All this would seem to lay the basis for letting things be as they are. Nature has a way of pushing her own agenda. But then I remember a delicate conversation I had with a medical professional, on whether it pays, at times, to push it back with our artificial inventions, such as the famous Caesarean section, a procedure I can personally write about. And since we are dealing with birth, it might be a good time to recall that nature herself works around compromises, such as letting natural selection settle for a gestation period of 9 months – just enough for the baby to become mature enough to survive, and short of being too big to pass through the small pelvis, made smaller to permit walking on two legs.
What women bring
Therefore, whether it is feasibility to put women on top within political structures, rather than let them struggle their way up, depends on what women bring – that unique advantage – when they function at the highest levels of governments. As Helen Fisher, biological anthropologist and author of the ‘The First Sex: The Natural Talents of Women and How They are Changing the World’ points out, women are more attracted to public policies that foster community health, education, children, and the elderly. They all ring like top-notch priorities for a prosperous society that is built primarily around people and their well-being, not only in times of crisis such as global pandemics, economic recessions and ecological damage. There’s also the benefit that women in power are less likely to resort to military action to settle disputes, agreeing with none other than statesman Winston Churchill that to “jaw-jaw is always better than to war-war”.

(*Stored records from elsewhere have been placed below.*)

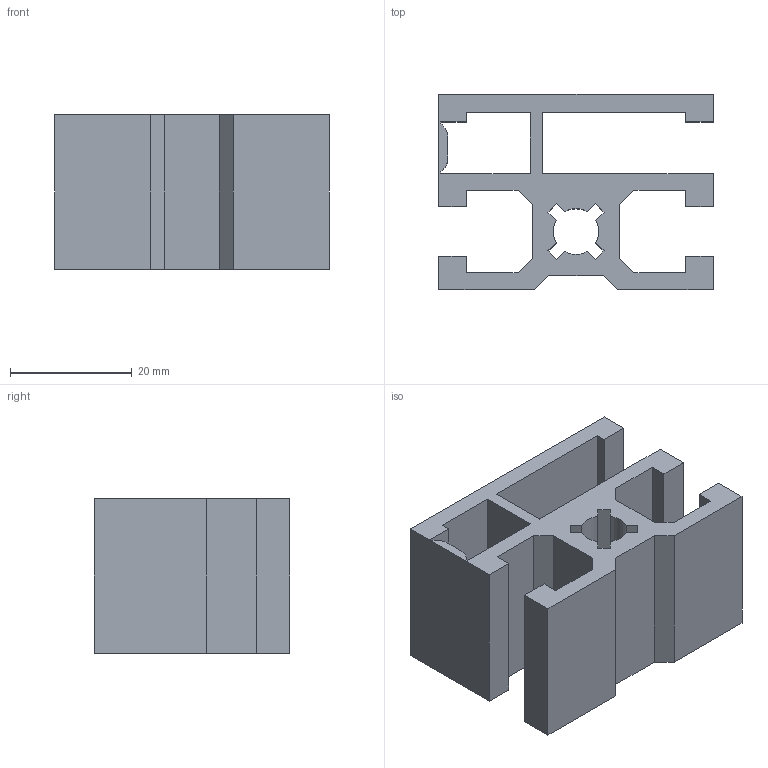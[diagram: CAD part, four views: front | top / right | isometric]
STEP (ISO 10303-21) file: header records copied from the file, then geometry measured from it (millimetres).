
FILE_DESCRIPTION((''),'2;1');
FILE_NAME('C:\Documents and Settings\Administrator\My Documents\Andys Backup Data\WEBSITE\DREAMWEAVER\MiniTec\Products\Aluminum_Profiles\CAD\STEP\20.1053 CLAMP PROFILE 45X32.stp','2012-11-12T13:27:53',('Administrator'),(''),'Autodesk Inventor 2009','Autodesk Inventor 2009','');
FILE_SCHEMA(('AUTOMOTIVE_DESIGN { 1 0 10303 214 1 1 1 1 }'));
Length unit declared in the file: inch
Products named in the file (1): 20.1053 CLAMP PROFILE 45X32
Bounding box: 45 x 32 x 25.4 mm (x, y, z)
Volume: 15044.7 mm3; surface area: 10863.2 mm2
Topology: 1 solids, 1 shells, 65 faces, 189 edges, 126 vertices
Faces by surface type: plane 59, cylinder 6
Entity records: 2151 total; most frequent: CARTESIAN_POINT 381, ORIENTED_EDGE 378, DIRECTION 333, EDGE_CURVE 189, VECTOR 177, LINE 177, VERTEX_POINT 126, AXIS2_PLACEMENT_3D 78

But the real answer to our question is found in the very logic of evolution and why, as an adaptation to fierce intrasexual competition, it makes more sense for men than for women to invest in status. Men are more likely to start a political career to build business networks and to climb up the ladder to get to the top, whereas, as Fisher says, women run for office because they want to improve society. It explains why in local governments women are more present and perform better. There they find it easier to create social clusters, and, once in office, can work more freely to advance issues that make a difference to the community.
Leaders who care
It resonates with what motivational speaker Simon Sinek insists is the starting point for leadership, his globally-recognised “start with why”. If political leaders are driven by purpose, and if for women the purpose is the progress and well-being of the community rather than ambition, isn’t that an offer that no country should miss?
If merit is to be conferred on the basis of what you do, how you do it, and why you do it in the first place, then we have all the reason for putting women in parliament where they are sure to secure the interests of citizens and help design a better future. I’m also making a note to self to dismiss my objection to jumpstarting and other debatable means of manoeuvring, as long as, in the broader view of things, it pays to launch women to the peak from where they can take part in the safe and sustainable governance of a country.